DefiLlama flagged major discrepancies in the reported $12 billion TVL of RWA platform Figure, suggesting the numbers may be fabricated. According to 0xngmi, the site’s founder, Figure’s on-chain activity shows only around $5 million in BTC and $4 million in ETH held on exchanges, plus a mere $2,000 in daily BTC trading volume. Its native stablecoin YLDS also has just 20 million units in circulation, far below what would be expected for a multibillion-dollar ecosystem.

DefiLlama’s analysis found that most RWA transfers came from accounts unrelated to asset owners, while loans were mostly settled in fiat, leaving negligible on-chain activity. The team emphasized that their role is to provide accurate data and dismissed rumors of rejecting Figure due to social metrics or charging listing fees. The findings raise serious doubts about Figure’s reported scale, with DefiLlama warning the $12B claim may reflect little more than an internal database entry rather than verifiable blockchain assets.

Source: bitcoinsistemi.com

WLFI Proposes 100% Fee-Funded Token Buyback and Burn

WorldLibertyFinancial (WLFI) has introduced a governance proposal to channel all protocol-owned liquidity (POL) fees into continuous token buybacks and permanent burns.

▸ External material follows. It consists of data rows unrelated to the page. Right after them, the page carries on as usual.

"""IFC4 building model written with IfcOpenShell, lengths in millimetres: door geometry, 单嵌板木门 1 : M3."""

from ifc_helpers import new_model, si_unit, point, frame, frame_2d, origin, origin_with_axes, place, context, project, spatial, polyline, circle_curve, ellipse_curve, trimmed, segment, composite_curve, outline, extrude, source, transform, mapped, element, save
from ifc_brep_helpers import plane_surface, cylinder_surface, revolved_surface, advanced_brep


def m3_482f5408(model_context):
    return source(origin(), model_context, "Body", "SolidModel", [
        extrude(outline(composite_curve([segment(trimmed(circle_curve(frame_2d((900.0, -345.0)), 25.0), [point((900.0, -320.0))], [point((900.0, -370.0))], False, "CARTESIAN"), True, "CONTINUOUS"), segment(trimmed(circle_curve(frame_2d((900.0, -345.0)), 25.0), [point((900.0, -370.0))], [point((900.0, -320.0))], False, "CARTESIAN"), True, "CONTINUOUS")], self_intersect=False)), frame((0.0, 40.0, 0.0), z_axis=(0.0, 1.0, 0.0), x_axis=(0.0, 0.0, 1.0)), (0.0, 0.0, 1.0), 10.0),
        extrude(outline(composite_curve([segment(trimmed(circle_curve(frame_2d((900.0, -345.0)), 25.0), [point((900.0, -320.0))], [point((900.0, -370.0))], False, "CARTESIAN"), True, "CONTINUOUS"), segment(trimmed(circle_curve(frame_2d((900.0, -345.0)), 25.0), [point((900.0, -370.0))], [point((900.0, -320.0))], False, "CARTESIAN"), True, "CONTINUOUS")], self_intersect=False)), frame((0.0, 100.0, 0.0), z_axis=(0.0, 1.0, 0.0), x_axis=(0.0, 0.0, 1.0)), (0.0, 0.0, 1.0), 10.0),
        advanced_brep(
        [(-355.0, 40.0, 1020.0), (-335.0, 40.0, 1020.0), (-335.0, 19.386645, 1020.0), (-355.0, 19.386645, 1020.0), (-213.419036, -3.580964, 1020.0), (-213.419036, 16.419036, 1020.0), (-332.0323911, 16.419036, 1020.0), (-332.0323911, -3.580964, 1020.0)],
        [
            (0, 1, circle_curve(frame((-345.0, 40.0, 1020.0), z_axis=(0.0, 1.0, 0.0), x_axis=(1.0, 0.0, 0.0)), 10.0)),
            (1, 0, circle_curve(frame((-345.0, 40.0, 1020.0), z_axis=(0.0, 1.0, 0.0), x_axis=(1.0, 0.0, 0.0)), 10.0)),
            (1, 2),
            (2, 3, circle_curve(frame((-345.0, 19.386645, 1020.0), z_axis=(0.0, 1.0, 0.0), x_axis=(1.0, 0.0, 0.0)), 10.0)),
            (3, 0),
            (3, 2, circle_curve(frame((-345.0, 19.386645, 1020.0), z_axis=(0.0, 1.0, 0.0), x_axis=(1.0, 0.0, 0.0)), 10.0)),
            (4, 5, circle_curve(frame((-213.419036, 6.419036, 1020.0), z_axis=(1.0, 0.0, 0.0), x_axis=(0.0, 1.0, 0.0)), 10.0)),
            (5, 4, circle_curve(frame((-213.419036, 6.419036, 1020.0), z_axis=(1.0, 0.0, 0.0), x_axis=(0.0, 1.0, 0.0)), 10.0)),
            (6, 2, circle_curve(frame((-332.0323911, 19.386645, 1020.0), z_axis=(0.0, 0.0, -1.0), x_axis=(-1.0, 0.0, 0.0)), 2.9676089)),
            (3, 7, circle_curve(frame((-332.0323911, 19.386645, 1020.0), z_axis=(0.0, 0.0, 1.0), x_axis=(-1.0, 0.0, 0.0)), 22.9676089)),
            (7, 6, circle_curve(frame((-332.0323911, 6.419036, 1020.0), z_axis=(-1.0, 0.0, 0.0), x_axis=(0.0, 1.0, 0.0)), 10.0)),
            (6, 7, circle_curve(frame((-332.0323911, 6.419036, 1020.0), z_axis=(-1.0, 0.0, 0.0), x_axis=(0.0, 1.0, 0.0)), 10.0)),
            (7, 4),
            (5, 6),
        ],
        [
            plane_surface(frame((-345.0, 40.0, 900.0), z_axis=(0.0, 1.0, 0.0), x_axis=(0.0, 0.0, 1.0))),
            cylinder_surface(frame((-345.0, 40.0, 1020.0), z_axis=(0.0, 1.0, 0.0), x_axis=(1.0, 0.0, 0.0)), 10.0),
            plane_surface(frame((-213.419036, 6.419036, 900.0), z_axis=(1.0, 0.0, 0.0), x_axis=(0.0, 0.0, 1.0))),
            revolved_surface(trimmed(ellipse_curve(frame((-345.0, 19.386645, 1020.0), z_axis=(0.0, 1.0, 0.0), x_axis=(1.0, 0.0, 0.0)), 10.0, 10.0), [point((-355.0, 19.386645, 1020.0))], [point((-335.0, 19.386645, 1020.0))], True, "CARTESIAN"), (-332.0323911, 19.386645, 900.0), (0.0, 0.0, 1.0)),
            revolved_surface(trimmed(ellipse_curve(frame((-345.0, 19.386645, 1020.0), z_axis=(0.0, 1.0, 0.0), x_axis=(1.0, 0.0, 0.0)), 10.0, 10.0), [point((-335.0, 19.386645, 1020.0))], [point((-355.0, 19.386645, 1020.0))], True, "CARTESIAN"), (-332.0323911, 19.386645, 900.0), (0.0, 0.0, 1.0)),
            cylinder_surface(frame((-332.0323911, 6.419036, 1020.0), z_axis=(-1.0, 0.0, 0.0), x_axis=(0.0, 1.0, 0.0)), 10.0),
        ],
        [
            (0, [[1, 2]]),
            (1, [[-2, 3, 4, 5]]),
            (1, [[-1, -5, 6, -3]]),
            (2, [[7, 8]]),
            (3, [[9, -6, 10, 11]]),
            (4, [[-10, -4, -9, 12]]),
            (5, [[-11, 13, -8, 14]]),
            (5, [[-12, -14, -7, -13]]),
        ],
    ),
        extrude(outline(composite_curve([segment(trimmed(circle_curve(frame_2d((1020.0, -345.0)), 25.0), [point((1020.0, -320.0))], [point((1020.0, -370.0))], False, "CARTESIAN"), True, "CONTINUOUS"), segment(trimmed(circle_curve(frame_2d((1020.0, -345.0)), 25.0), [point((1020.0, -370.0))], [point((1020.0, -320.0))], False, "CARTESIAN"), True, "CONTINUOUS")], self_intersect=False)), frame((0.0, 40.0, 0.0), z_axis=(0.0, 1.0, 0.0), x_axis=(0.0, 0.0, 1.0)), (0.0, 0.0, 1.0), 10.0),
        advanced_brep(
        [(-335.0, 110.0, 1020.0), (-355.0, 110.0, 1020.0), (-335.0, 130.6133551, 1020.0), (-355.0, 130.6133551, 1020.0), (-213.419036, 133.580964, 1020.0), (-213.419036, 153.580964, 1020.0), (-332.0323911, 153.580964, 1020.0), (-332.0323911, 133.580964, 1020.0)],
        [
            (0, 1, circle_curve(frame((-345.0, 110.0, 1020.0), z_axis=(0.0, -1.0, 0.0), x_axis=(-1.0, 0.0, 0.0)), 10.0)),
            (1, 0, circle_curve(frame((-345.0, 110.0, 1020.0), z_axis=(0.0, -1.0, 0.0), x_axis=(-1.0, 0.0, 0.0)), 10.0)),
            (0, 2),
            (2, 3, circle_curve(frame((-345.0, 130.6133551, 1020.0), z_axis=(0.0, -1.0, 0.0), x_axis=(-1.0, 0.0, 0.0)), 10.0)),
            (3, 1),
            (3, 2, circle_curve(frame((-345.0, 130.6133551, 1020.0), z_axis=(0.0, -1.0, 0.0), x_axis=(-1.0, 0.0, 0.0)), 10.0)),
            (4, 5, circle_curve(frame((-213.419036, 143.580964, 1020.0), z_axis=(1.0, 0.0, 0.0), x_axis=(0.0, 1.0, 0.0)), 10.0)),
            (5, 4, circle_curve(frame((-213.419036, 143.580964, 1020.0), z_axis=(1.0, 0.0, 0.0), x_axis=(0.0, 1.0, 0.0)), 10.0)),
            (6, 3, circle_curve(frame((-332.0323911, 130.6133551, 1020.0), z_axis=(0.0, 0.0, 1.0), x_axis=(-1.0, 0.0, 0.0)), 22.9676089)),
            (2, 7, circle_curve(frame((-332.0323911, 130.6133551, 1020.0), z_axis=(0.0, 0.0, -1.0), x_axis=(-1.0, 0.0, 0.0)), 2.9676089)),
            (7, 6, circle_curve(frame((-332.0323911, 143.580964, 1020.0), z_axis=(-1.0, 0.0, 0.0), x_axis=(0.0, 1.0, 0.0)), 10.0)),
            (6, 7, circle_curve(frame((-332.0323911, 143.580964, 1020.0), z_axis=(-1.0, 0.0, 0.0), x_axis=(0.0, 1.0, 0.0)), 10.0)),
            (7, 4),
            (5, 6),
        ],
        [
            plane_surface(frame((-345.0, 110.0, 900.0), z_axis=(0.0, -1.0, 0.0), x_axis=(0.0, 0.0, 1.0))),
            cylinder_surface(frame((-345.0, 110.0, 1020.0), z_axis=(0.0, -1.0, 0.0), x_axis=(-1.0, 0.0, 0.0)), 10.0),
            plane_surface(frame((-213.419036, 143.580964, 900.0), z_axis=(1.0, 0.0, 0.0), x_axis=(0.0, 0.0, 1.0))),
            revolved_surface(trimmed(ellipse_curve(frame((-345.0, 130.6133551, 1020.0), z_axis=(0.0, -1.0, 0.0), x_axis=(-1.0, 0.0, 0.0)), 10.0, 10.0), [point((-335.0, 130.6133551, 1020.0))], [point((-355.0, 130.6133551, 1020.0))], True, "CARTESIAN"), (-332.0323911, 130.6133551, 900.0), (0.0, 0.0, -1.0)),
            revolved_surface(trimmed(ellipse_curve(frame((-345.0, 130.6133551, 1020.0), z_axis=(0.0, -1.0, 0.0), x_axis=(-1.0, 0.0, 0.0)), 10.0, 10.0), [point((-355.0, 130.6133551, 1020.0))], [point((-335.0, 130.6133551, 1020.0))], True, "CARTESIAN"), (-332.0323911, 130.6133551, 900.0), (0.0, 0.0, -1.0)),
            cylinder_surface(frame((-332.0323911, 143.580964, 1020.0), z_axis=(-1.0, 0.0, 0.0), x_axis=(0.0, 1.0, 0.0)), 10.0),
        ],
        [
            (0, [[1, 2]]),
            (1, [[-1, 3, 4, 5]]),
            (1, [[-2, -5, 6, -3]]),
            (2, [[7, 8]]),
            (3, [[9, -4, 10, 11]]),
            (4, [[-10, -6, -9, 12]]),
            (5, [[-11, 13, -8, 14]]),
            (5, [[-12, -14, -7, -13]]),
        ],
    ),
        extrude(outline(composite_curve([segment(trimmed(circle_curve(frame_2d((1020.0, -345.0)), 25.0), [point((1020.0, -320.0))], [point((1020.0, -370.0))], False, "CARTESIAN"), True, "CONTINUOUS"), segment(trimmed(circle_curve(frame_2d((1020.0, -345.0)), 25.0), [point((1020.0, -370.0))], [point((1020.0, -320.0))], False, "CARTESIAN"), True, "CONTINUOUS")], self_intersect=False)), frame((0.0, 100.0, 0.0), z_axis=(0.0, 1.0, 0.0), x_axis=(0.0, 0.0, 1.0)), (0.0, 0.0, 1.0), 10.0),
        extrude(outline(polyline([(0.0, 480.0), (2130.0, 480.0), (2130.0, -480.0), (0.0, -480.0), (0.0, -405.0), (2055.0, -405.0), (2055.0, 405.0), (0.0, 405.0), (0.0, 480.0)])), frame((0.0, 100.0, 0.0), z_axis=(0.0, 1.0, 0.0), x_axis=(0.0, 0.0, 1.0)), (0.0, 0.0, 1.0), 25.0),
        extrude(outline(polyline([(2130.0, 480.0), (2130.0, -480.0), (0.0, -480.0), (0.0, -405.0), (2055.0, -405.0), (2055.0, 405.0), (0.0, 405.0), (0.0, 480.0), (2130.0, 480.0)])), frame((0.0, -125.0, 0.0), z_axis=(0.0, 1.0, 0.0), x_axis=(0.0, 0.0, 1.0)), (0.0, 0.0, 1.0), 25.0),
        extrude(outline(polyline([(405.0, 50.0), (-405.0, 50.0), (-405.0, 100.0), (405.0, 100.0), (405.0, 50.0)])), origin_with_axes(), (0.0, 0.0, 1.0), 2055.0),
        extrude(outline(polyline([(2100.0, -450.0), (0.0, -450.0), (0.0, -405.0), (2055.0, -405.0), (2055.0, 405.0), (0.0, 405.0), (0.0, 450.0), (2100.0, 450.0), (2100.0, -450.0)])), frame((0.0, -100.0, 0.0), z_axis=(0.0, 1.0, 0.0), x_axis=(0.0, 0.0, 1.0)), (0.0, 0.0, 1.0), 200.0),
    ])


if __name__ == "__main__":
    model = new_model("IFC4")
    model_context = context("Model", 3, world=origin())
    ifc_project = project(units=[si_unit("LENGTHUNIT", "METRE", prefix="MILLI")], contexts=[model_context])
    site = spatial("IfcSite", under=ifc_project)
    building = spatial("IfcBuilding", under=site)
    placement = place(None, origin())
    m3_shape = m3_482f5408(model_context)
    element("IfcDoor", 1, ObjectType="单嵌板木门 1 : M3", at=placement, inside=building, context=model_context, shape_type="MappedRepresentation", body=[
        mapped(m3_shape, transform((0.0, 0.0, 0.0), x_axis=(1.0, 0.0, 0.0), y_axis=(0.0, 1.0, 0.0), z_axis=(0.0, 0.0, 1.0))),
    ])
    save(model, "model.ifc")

The move, which has already received over 99% community approval ahead of the September 19 vote, would make WLFI one of the first protocols to dedicate 100% of fee revenues to reducing circulating supply.

The strategy is designed to create scarcity, counter inflation from token emissions, and directly return value to holders through a transparent, automated mechanism. Proponents say this could stabilize WLFI’s token price and strengthen long-term sustainability, while also offering a model for how DeFi projects can align tokenomics with community interests. If approved, it would mark a bold step in using governance to hardwire deflationary mechanics into protocol operations.